[Dataset excerpts]
┌────────

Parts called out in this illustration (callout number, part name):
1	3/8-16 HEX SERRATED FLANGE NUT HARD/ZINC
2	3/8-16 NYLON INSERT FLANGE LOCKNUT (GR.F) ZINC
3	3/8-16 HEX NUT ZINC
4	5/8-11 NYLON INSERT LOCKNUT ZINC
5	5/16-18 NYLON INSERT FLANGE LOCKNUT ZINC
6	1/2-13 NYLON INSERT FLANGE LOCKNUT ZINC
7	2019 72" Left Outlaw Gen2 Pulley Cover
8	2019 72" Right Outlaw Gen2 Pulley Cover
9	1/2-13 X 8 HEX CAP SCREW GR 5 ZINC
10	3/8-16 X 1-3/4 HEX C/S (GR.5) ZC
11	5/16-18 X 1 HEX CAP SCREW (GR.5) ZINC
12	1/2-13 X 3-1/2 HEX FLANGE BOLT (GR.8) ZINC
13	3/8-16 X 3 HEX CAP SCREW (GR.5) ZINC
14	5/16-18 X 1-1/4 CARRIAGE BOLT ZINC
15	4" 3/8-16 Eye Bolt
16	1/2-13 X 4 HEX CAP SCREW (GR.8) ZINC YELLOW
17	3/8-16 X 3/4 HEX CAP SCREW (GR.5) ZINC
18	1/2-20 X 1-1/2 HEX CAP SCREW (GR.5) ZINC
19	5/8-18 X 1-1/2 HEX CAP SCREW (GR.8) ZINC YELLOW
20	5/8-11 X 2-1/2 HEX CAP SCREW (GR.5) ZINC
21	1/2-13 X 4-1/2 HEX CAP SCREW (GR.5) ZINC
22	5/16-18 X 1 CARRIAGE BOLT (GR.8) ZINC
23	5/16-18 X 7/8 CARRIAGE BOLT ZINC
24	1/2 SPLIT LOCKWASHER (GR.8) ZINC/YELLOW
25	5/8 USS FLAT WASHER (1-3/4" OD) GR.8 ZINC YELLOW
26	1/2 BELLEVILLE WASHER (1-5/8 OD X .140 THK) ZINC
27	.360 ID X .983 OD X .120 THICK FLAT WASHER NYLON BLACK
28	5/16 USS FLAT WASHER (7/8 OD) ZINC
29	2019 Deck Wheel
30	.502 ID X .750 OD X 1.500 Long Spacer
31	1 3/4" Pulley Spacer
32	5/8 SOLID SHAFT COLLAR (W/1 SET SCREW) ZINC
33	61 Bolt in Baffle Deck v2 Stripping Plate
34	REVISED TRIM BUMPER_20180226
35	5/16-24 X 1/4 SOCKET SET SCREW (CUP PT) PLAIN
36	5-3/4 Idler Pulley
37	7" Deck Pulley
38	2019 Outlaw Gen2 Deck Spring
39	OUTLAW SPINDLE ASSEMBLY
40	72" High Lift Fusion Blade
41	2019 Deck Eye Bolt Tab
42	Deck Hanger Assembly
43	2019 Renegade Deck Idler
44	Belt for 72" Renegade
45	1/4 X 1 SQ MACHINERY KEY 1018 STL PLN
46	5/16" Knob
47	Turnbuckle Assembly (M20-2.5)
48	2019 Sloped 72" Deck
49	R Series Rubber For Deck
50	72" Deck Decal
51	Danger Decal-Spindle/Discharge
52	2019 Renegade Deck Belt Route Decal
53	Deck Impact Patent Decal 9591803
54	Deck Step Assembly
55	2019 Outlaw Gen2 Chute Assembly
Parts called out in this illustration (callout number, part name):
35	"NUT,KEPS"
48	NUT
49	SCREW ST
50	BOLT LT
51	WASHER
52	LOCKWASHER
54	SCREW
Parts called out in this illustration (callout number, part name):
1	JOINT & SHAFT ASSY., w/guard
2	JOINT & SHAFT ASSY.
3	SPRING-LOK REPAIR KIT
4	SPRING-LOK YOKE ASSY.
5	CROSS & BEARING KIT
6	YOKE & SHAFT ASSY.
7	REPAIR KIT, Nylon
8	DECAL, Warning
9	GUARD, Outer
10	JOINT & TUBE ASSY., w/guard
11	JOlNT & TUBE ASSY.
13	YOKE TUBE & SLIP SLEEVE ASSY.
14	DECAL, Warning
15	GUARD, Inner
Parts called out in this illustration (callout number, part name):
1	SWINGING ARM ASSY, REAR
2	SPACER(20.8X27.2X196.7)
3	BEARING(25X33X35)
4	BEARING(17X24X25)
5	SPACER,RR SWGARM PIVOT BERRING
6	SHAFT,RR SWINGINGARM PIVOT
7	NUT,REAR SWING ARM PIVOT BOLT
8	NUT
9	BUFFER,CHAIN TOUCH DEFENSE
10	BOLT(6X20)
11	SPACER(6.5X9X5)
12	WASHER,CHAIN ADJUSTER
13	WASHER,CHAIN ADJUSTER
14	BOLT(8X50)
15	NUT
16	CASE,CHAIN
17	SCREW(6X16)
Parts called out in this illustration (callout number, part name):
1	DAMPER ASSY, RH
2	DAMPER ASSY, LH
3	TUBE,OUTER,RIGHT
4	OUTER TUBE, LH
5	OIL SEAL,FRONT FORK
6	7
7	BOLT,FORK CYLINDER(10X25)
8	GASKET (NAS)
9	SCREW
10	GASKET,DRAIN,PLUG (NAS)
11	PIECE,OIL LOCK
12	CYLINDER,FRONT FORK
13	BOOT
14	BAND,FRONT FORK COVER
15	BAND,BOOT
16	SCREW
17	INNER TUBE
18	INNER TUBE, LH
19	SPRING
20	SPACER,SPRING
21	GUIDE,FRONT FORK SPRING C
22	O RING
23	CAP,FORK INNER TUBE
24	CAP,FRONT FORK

└────────

= Exercise details =
Pull every line that holds the string "GASKET" out of the records.

= Exercise response =
8	GASKET (NAS)
10	GASKET,DRAIN,PLUG (NAS)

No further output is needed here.